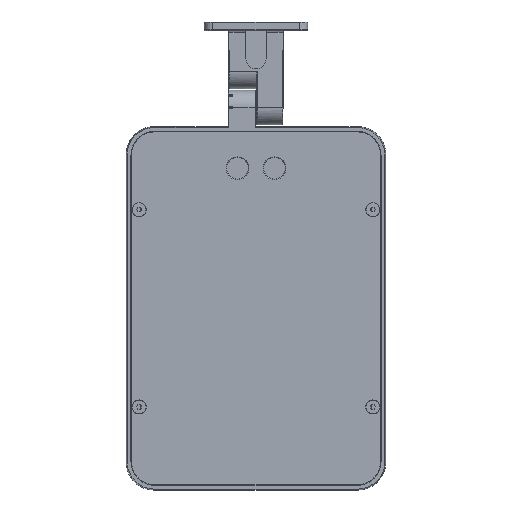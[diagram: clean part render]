
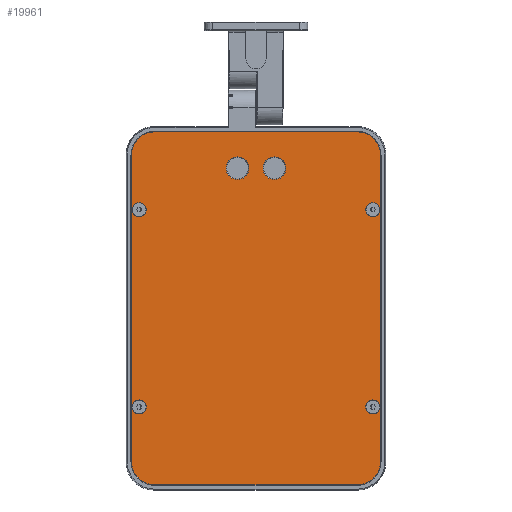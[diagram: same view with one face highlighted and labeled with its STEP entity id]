
A CAD part, front view. The second image highlights one B-rep face of the part: STEP entity #19961.
In plain terms, the highlighted planar face has unit normal (0, -1, 0).
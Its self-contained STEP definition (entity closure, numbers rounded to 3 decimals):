
#7645=CARTESIAN_POINT('',(67.5,0.5,57.));
#7646=DIRECTION('',(0.,-1.,0.));
#7647=DIRECTION('',(1.,0.,0.));
#7648=AXIS2_PLACEMENT_3D('',#7645,#7646,#7647);
#7650=CARTESIAN_POINT('',(67.5,0.5,57.));
#7651=DIRECTION('',(0.,-1.,0.));
#7652=DIRECTION('',(-1.,0.,0.));
#7653=AXIS2_PLACEMENT_3D('',#7650,#7651,#7652);
#7655=CARTESIAN_POINT('',(-67.5,0.5,-57.));
#7656=DIRECTION('',(0.,-1.,0.));
#7657=DIRECTION('',(-1.,0.,0.));
#7658=AXIS2_PLACEMENT_3D('',#7655,#7656,#7657);
#7660=CARTESIAN_POINT('',(-67.5,0.5,-57.));
#7661=DIRECTION('',(0.,-1.,0.));
#7662=DIRECTION('',(1.,0.,0.));
#7663=AXIS2_PLACEMENT_3D('',#7660,#7661,#7662);
#7665=CARTESIAN_POINT('',(-67.5,0.5,57.));
#7666=DIRECTION('',(0.,-1.,0.));
#7667=DIRECTION('',(1.,0.,0.));
#7668=AXIS2_PLACEMENT_3D('',#7665,#7666,#7667);
#7670=CARTESIAN_POINT('',(-67.5,0.5,57.));
#7671=DIRECTION('',(0.,-1.,0.));
#7672=DIRECTION('',(-1.,0.,0.));
#7673=AXIS2_PLACEMENT_3D('',#7670,#7671,#7672);
#7675=CARTESIAN_POINT('',(67.5,0.5,-57.));
#7676=DIRECTION('',(0.,-1.,0.));
#7677=DIRECTION('',(-1.,0.,0.));
#7678=AXIS2_PLACEMENT_3D('',#7675,#7676,#7677);
#7680=CARTESIAN_POINT('',(67.5,0.5,-57.));
#7681=DIRECTION('',(0.,-1.,0.));
#7682=DIRECTION('',(1.,0.,0.));
#7683=AXIS2_PLACEMENT_3D('',#7680,#7681,#7682);
#7685=CARTESIAN_POINT('',(58.5,0.5,-88.5));
#7686=DIRECTION('',(0.,1.,0.));
#7687=DIRECTION('',(1.,0.,0.));
#7688=AXIS2_PLACEMENT_3D('',#7685,#7686,#7687);
#7690=DIRECTION('',(-1.,0.,0.));
#7691=VECTOR('',#7690,117.);
#7692=CARTESIAN_POINT('',(58.5,0.5,-102.));
#7693=LINE('',#7692,#7691);
#7694=CARTESIAN_POINT('',(-58.5,0.5,-88.5));
#7695=DIRECTION('',(0.,1.,0.));
#7696=DIRECTION('',(0.,0.,-1.));
#7697=AXIS2_PLACEMENT_3D('',#7694,#7695,#7696);
#7699=DIRECTION('',(0.,0.,1.));
#7700=VECTOR('',#7699,177.);
#7701=CARTESIAN_POINT('',(-72.,0.5,-88.5));
#7702=LINE('',#7701,#7700);
#7703=CARTESIAN_POINT('',(-58.5,0.5,88.5));
#7704=DIRECTION('',(0.,1.,0.));
#7705=DIRECTION('',(-1.,0.,0.));
#7706=AXIS2_PLACEMENT_3D('',#7703,#7704,#7705);
#7708=DIRECTION('',(1.,0.,0.));
#7709=VECTOR('',#7708,117.);
#7710=CARTESIAN_POINT('',(-58.5,0.5,102.));
#7711=LINE('',#7710,#7709);
#7712=CARTESIAN_POINT('',(58.5,0.5,88.5));
#7713=DIRECTION('',(0.,1.,0.));
#7714=DIRECTION('',(0.,0.,1.));
#7715=AXIS2_PLACEMENT_3D('',#7712,#7713,#7714);
#7717=DIRECTION('',(0.,0.,-1.));
#7718=VECTOR('',#7717,177.);
#7719=CARTESIAN_POINT('',(72.,0.5,88.5));
#7720=LINE('',#7719,#7718);
#7721=CARTESIAN_POINT('',(-10.65,0.5,81.));
#7722=DIRECTION('',(0.,1.,0.));
#7723=DIRECTION('',(-1.,0.,0.));
#7724=AXIS2_PLACEMENT_3D('',#7721,#7722,#7723);
#7726=CARTESIAN_POINT('',(-10.65,0.5,81.));
#7727=DIRECTION('',(0.,1.,0.));
#7728=DIRECTION('',(1.,0.,0.));
#7729=AXIS2_PLACEMENT_3D('',#7726,#7727,#7728);
#7731=CARTESIAN_POINT('',(10.65,0.5,81.));
#7732=DIRECTION('',(0.,1.,0.));
#7733=DIRECTION('',(-1.,0.,0.));
#7734=AXIS2_PLACEMENT_3D('',#7731,#7732,#7733);
#7736=CARTESIAN_POINT('',(10.65,0.5,81.));
#7737=DIRECTION('',(0.,1.,0.));
#7738=DIRECTION('',(1.,0.,0.));
#7739=AXIS2_PLACEMENT_3D('',#7736,#7737,#7738);
#17199=CARTESIAN_POINT('',(71.55,0.5,57.));
#17200=CARTESIAN_POINT('',(63.45,0.5,57.));
#17201=VERTEX_POINT('',#17199);
#17202=VERTEX_POINT('',#17200);
#17207=CARTESIAN_POINT('',(58.5,0.5,-102.));
#17208=CARTESIAN_POINT('',(72.,0.5,-88.5));
#17209=VERTEX_POINT('',#17207);
#17210=VERTEX_POINT('',#17208);
#17211=CARTESIAN_POINT('',(72.,0.5,88.5));
#17212=VERTEX_POINT('',#17211);
#17213=CARTESIAN_POINT('',(58.5,0.5,102.));
#17214=VERTEX_POINT('',#17213);
#17215=CARTESIAN_POINT('',(-58.5,0.5,102.));
#17216=VERTEX_POINT('',#17215);
#17217=CARTESIAN_POINT('',(-72.,0.5,88.5));
#17218=VERTEX_POINT('',#17217);
#17219=CARTESIAN_POINT('',(-72.,0.5,-88.5));
#17220=VERTEX_POINT('',#17219);
#17221=CARTESIAN_POINT('',(-58.5,0.5,-102.));
#17222=VERTEX_POINT('',#17221);
#17243=CARTESIAN_POINT('',(-71.55,0.5,-57.));
#17244=CARTESIAN_POINT('',(-63.45,0.5,-57.));
#17245=VERTEX_POINT('',#17243);
#17246=VERTEX_POINT('',#17244);
#17255=CARTESIAN_POINT('',(-71.55,0.5,57.));
#17256=CARTESIAN_POINT('',(-63.45,0.5,57.));
#17257=VERTEX_POINT('',#17255);
#17258=VERTEX_POINT('',#17256);
#17259=CARTESIAN_POINT('',(71.55,0.5,-57.));
#17260=CARTESIAN_POINT('',(63.45,0.5,-57.));
#17261=VERTEX_POINT('',#17259);
#17262=VERTEX_POINT('',#17260);
#17555=CARTESIAN_POINT('',(-17.2,0.5,81.));
#17556=CARTESIAN_POINT('',(-4.1,0.5,81.));
#17557=VERTEX_POINT('',#17555);
#17558=VERTEX_POINT('',#17556);
#17563=CARTESIAN_POINT('',(4.1,0.5,81.));
#17564=CARTESIAN_POINT('',(17.2,0.5,81.));
#17565=VERTEX_POINT('',#17563);
#17566=VERTEX_POINT('',#17564);
#19902=CARTESIAN_POINT('',(0.,0.5,0.));
#19903=DIRECTION('',(0.,1.,0.));
#19904=DIRECTION('',(1.,0.,0.));
#19905=AXIS2_PLACEMENT_3D('',#19902,#19903,#19904);
#19906=PLANE('',#19905);
#19908=ORIENTED_EDGE('',*,*,#19907,.T.);
#19910=ORIENTED_EDGE('',*,*,#19909,.T.);
#19912=ORIENTED_EDGE('',*,*,#19911,.T.);
#19914=ORIENTED_EDGE('',*,*,#19913,.T.);
#19916=ORIENTED_EDGE('',*,*,#19915,.T.);
#19918=ORIENTED_EDGE('',*,*,#19917,.T.);
#19920=ORIENTED_EDGE('',*,*,#19919,.T.);
#19922=ORIENTED_EDGE('',*,*,#19921,.T.);
#19923=EDGE_LOOP('',(#19908,#19910,#19912,#19914,#19916,#19918,#19920,#19922));
#19924=FACE_OUTER_BOUND('',#19923,.F.);
#19926=ORIENTED_EDGE('',*,*,#19925,.T.);
#19928=ORIENTED_EDGE('',*,*,#19927,.T.);
#19929=EDGE_LOOP('',(#19926,#19928));
#19930=FACE_BOUND('',#19929,.F.);
#19932=ORIENTED_EDGE('',*,*,#19931,.T.);
#19934=ORIENTED_EDGE('',*,*,#19933,.T.);
#19935=EDGE_LOOP('',(#19932,#19934));
#19936=FACE_BOUND('',#19935,.F.);
#19938=ORIENTED_EDGE('',*,*,#19937,.T.);
#19940=ORIENTED_EDGE('',*,*,#19939,.T.);
#19941=EDGE_LOOP('',(#19938,#19940));
#19942=FACE_BOUND('',#19941,.F.);
#19944=ORIENTED_EDGE('',*,*,#19943,.T.);
#19946=ORIENTED_EDGE('',*,*,#19945,.T.);
#19947=EDGE_LOOP('',(#19944,#19946));
#19948=FACE_BOUND('',#19947,.F.);
#19950=ORIENTED_EDGE('',*,*,#19949,.F.);
#19952=ORIENTED_EDGE('',*,*,#19951,.F.);
#19953=EDGE_LOOP('',(#19950,#19952));
#19954=FACE_BOUND('',#19953,.F.);
#19956=ORIENTED_EDGE('',*,*,#19955,.F.);
#19958=ORIENTED_EDGE('',*,*,#19957,.F.);
#19959=EDGE_LOOP('',(#19956,#19958));
#19960=FACE_BOUND('',#19959,.F.);
#19961=ADVANCED_FACE('',(#19924,#19930,#19936,#19942,#19948,#19954,#19960),
#19906,.F.);
#7649=CIRCLE('',#7648,4.05);
#7654=CIRCLE('',#7653,4.05);
#7659=CIRCLE('',#7658,4.05);
#7664=CIRCLE('',#7663,4.05);
#7669=CIRCLE('',#7668,4.05);
#7674=CIRCLE('',#7673,4.05);
#7679=CIRCLE('',#7678,4.05);
#7684=CIRCLE('',#7683,4.05);
#7689=CIRCLE('',#7688,13.5);
#7698=CIRCLE('',#7697,13.5);
#7707=CIRCLE('',#7706,13.5);
#7716=CIRCLE('',#7715,13.5);
#7725=CIRCLE('',#7724,6.55);
#7730=CIRCLE('',#7729,6.55);
#7735=CIRCLE('',#7734,6.55);
#7740=CIRCLE('',#7739,6.55);
#19907=EDGE_CURVE('',#17210,#17209,#7689,.T.);
#19909=EDGE_CURVE('',#17209,#17222,#7693,.T.);
#19911=EDGE_CURVE('',#17222,#17220,#7698,.T.);
#19913=EDGE_CURVE('',#17220,#17218,#7702,.T.);
#19915=EDGE_CURVE('',#17218,#17216,#7707,.T.);
#19917=EDGE_CURVE('',#17216,#17214,#7711,.T.);
#19919=EDGE_CURVE('',#17214,#17212,#7716,.T.);
#19921=EDGE_CURVE('',#17212,#17210,#7720,.T.);
#19925=EDGE_CURVE('',#17245,#17246,#7659,.T.);
#19927=EDGE_CURVE('',#17246,#17245,#7664,.T.);
#19931=EDGE_CURVE('',#17258,#17257,#7669,.T.);
#19933=EDGE_CURVE('',#17257,#17258,#7674,.T.);
#19937=EDGE_CURVE('',#17262,#17261,#7679,.T.);
#19939=EDGE_CURVE('',#17261,#17262,#7684,.T.);
#19943=EDGE_CURVE('',#17201,#17202,#7649,.T.);
#19945=EDGE_CURVE('',#17202,#17201,#7654,.T.);
#19949=EDGE_CURVE('',#17557,#17558,#7725,.T.);
#19951=EDGE_CURVE('',#17558,#17557,#7730,.T.);
#19955=EDGE_CURVE('',#17565,#17566,#7735,.T.);
#19957=EDGE_CURVE('',#17566,#17565,#7740,.T.);
:::
*Exercise directions*
Exactly the lines from the top of the listing through the line with "#7701=CARTESIAN_POINT('',(-72.,0.5,-88.5));", and no pictures, should be printed.

*Solution*
[diagram: clean part render]
[diagram: same view with one face highlighted and labeled with its STEP entity id]
A CAD part, front view. The second image highlights one B-rep face of the part: STEP entity #19961.
In plain terms, the highlighted planar face has unit normal (0, -1, 0).
Its self-contained STEP definition (entity closure, numbers rounded to 3 decimals):
#7645=CARTESIAN_POINT('',(67.5,0.5,57.));
#7646=DIRECTION('',(0.,-1.,0.));
#7647=DIRECTION('',(1.,0.,0.));
#7648=AXIS2_PLACEMENT_3D('',#7645,#7646,#7647);
#7650=CARTESIAN_POINT('',(67.5,0.5,57.));
#7651=DIRECTION('',(0.,-1.,0.));
#7652=DIRECTION('',(-1.,0.,0.));
#7653=AXIS2_PLACEMENT_3D('',#7650,#7651,#7652);
#7655=CARTESIAN_POINT('',(-67.5,0.5,-57.));
#7656=DIRECTION('',(0.,-1.,0.));
#7657=DIRECTION('',(-1.,0.,0.));
#7658=AXIS2_PLACEMENT_3D('',#7655,#7656,#7657);
#7660=CARTESIAN_POINT('',(-67.5,0.5,-57.));
#7661=DIRECTION('',(0.,-1.,0.));
#7662=DIRECTION('',(1.,0.,0.));
#7663=AXIS2_PLACEMENT_3D('',#7660,#7661,#7662);
#7665=CARTESIAN_POINT('',(-67.5,0.5,57.));
#7666=DIRECTION('',(0.,-1.,0.));
#7667=DIRECTION('',(1.,0.,0.));
#7668=AXIS2_PLACEMENT_3D('',#7665,#7666,#7667);
#7670=CARTESIAN_POINT('',(-67.5,0.5,57.));
#7671=DIRECTION('',(0.,-1.,0.));
#7672=DIRECTION('',(-1.,0.,0.));
#7673=AXIS2_PLACEMENT_3D('',#7670,#7671,#7672);
#7675=CARTESIAN_POINT('',(67.5,0.5,-57.));
#7676=DIRECTION('',(0.,-1.,0.));
#7677=DIRECTION('',(-1.,0.,0.));
#7678=AXIS2_PLACEMENT_3D('',#7675,#7676,#7677);
#7680=CARTESIAN_POINT('',(67.5,0.5,-57.));
#7681=DIRECTION('',(0.,-1.,0.));
#7682=DIRECTION('',(1.,0.,0.));
#7683=AXIS2_PLACEMENT_3D('',#7680,#7681,#7682);
#7685=CARTESIAN_POINT('',(58.5,0.5,-88.5));
#7686=DIRECTION('',(0.,1.,0.));
#7687=DIRECTION('',(1.,0.,0.));
#7688=AXIS2_PLACEMENT_3D('',#7685,#7686,#7687);
#7690=DIRECTION('',(-1.,0.,0.));
#7691=VECTOR('',#7690,117.);
#7692=CARTESIAN_POINT('',(58.5,0.5,-102.));
#7693=LINE('',#7692,#7691);
#7694=CARTESIAN_POINT('',(-58.5,0.5,-88.5));
#7695=DIRECTION('',(0.,1.,0.));
#7696=DIRECTION('',(0.,0.,-1.));
#7697=AXIS2_PLACEMENT_3D('',#7694,#7695,#7696);
#7699=DIRECTION('',(0.,0.,1.));
#7700=VECTOR('',#7699,177.);
#7701=CARTESIAN_POINT('',(-72.,0.5,-88.5));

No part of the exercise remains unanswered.